The measurement file used in this identification is presented in Fig. 14.

Fig. 14

The real input-output evolution

We apply the proposed identification procedures in order to represent the reactor by a PWARX model. The number of neighboring is chosen \(n_{\rho } = 70\) with the two proposed techniques. Our purpose is to estimate the number of sub-models s, the parameter vectors \(\theta_{i} (k),\;i = 1, \ldots,s\) and the hyperplanes defining the partitions \(\left\{ {H_{i} } \right\}_{i = 1}^{s}\).

The obtained results are as follows:

• The number of sub-models is s = 3.

• The parameter vectors \(\theta_{i} (k)\), \(i = 1,2\;{\text{and}}\;3\) are illustrated in Table 9.

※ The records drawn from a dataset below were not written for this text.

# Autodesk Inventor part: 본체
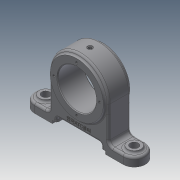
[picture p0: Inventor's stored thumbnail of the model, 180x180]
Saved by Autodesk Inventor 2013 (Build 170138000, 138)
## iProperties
Created: 2019-05
Part Number: 본체
Material: Generic
Document SubType Name: Modeling
Designer: user
Density: 1 g/cm^3
Author: user
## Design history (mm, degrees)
sketch "스케치1"
  geometry: C1 r 26 at (0, 0); C2 r 36 at (0, 0); 1 further point
  constraints: 2 centre point, 2 coincident
  dimensions: "d0" = 52 diameter of C1; "d3" = 72 diameter of C2
extrude "돌출1" new body sketch "스케치1" stored distance "d4" = 36; taper "d5" = 0 deg
node "작업 평면1"
sketch "스케치2"
  geometry: C1 r 40 at (0, 0); C2 r 36 at (0, 0); 1 further point
  constraints: 2 centre point, 2 coincident
  dimensions: "d6" = 80 diameter of C1; "d9" = 72 diameter of C2
extrude "돌출2" join sketch "스케치2" stored distance "d10" = 30; taper "d11" = 0 deg
fillet "모깎기1" dims "d12" = 3
sketch "스케치3" dims "d13" = 62
  geometry: L1 (0, 0)-(0, 31); C1 r 36 at (0, 0) reference; 1 further point
  constraints: 2 coincident, 2 end point, 1 vertical, 1 vertical alignment, 2 other
hole "구멍1" sketch "스케치3" at (0, 31) diameter "d15" = 3.242; stored, may be unused: countersink angle "d19" = 90 deg, drill point angle "d21" = 118 deg; dims "d16" = 6, "d17" = 4, "d18" = 2, "d20" = 8
node "작업 평면2"
node "작업 평면3"
node "작업 평면4"
sketch "스케치6"
  geometry: L1 (40, 0)-(40, -48); L2 (40, -48)-(75, -48); L3 (75, -48)-(75, -60); L4 (75, -60)-(36, -60); L5 (36, -60)-(36, -56); L6 (36, -56)-(30, -56); L7 (30, -56)-(30, -50); L8 (30, -50)-(0, -50); L9 (0, -50)-(0, 5.081); L10 (-40, 0)-(-40, -48); L11 (-40, -48)-(-75, -48); L12 (-75, -48)-(-75, -60); L13 (-75, -60)-(-36, -60); L14 (-36, -60)-(-36, -56); L15 (-36, -56)-(-30, -56); L16 (-30, -56)-(-30, -50); L17 (-30, -50)-(0, -50); C1 r 26 at (0, 0) reference; A1 r 40 centre (0, 0) between (-40, 0) and (40, 0); 2 further points
  constraints: 34 end point, 8 symmetric about line, 7 parallel, 2 point on circle, 2 vertical, 1 centre point, 1 coincident, 1 horizontal alignment, 1 perpendicular, 1 point on line, 1 other
  dimensions: "d39" = 100 dimension on L4; "d40" = 10 distance between parallel lines of L8 L4; "d41" = 60 diameter of L7 L9; "d43" = 72 diameter of L5 L9; "d44" = 12 distance of L2.end L3.end; "d45" = 4 distance of L4.end L5.end; "d46" = 150 diameter of L3 L9
extrude "돌출4" join sketch "스케치6" stored distance "d47" = 30; taper "d48" = 0 deg
sketch "스케치7"
  geometry: L1 (0, 0)-(0, 30) reference; L2 (0, 30)-(35, 30) reference; L3 (150, 0)-(150, 30) reference; L4 (115, 30)-(150, 30) reference; C1 r 9 at (15, 15); C2 r 9 at (135, 15); 1 further point
  constraints: 2 centre point, 1 equal radius
  dimensions: "d49" = 18 diameter of C1; "d51" = 15 distance from line of L2 C1.centre; "d53" = 15 distance from line of L4 C2.centre; "d54" = 120 distance of C1.centre C2.centre; "d55" = 15 distance from line of C1.centre L1
extrude "돌출5" join sketch "스케치7" distance "d56" = 3; taper "d57" = 0 deg
fillet "모깎기2" dims "d58" = 3
sketch "스케치8"
  geometry: C1 r 9 at (0, 0) reference; C2 r 5.5 at (0, 0); C3 r 9 at (120, 0) reference; C4 r 5.5 at (120, 0); 1 further point
  constraints: 2 centre point, 2 coincident
  dimensions: "d59" = 11 diameter of C2; "d61" = 11 diameter of C4
extrude "돌출6" cut sketch "스케치8" stored distance "d62" = 3; taper "d63" = 0 deg
chamfer "모따기1" distance "d64" = 1; stored, may be unused: second distance "d65" = 2, angle "d66" = 45 deg
fillet "모깎기3" dims "d67" = 15
fillet "모깎기4" dims "d68" = 6
fillet "모깎기5" dims "d69" = 3
fillet "모깎기6" dims "d70" = 3
fillet "모깎기7" dims "d71" = 3
sketch "스케치9"
  geometry: L1 (-27, -50)-(27, -50) reference; L2 (0, 0)-(0, -61.39); A1 r 39 centre (0, 0) between (-37, -12.329) and (37, -12.329) reference; 1 further point
  constraints: 2 end point, 1 perpendicular, 1 point on line, 1 other
  dimensions: "d72" = 7 distance from line of L1 point (0, -43)
extrude "돌출7" join sketch "스케치9" distance "d73" = 0.5; taper "d74" = 0 deg
sketch "스케치10"
  geometry: C1 r 1.5 at (0, 26); 1 further point
  constraints: 1 centre point, 1 vertical alignment, 1 other
  dimensions: "d77" = 3 diameter of C1
extrude "돌출8" cut sketch "스케치10" stored distance "d79" = 12; taper "d80" = 0 deg
node "작업 평면5"
sketch "스케치11"
  geometry: 1 further point
hole "구멍3" sketch "스케치11" at (0, 0) diameter "d81" = 4.917; stored, may be unused: countersink angle "d85" = 90 deg, drill point angle "d87" = 118 deg; dims "d82" = 7, "d83" = 7, "d84" = 1, "d86" = 9
sketch "스케치12"
  geometry: C1 r 1 at (0, 0); 1 further point
  constraints: 1 centre point, 1 coincident
  dimensions: "d88" = 2 diameter of C1
extrude "돌출9" cut sketch "스케치12" stored distance "d90" = 12; taper "d91" = 0 deg
node "솔리드1"
pattern_circular "원형 패턴1" dims angle "d23" = 360 deg
mirror "대칭1"
node "투영된 루프1"

  Table 9 Estimated parameter vectors with the proposed clustering techniques

The attribution of every parameter vector to the submodel that has generated it is ensured by the SVM algorithm. The obtained outputs are then computed and they are represented in Fig. 15.

Fig. 15

Estimated outputs with two methods a with Chiu, and b with DBSCAN

To validate the obtained models, we have considered a new input-output measurement file having a length N = 160 shown in Fig. 16.

Fig. 16

The validation input

The real and the estimated validation outputs and the errors are presented in Fig. 17.

Fig. 17

Estimated validation outputs and the errors with two methods a with Chiu, and b with DBSCAN

7 Conclusion

In this chapter, we have considered only the clustering based procedures for the identification of PWARX systems. We focused on the most challenging step which is the task of data points classification. In fact, we have proposed the use of two clustering techniques which are the Chiu’s clustering algorithm and the DBSCAN algorithm. These algorithms present several advantages. Firstly, they do not require any initialization so the problem of convergence towards local minima is overcome. Secondly, these algorithms are able to remove the outliers from the data set. Finally, our approaches generate automatically the number of sub-models. Numerical simulation results are presented to demonstrate the performance of the proposed approaches and to compare them with the k-means one. Also, an experimental validation with an olive oil reactor is presented to illustrate the efficiency of the developed methods.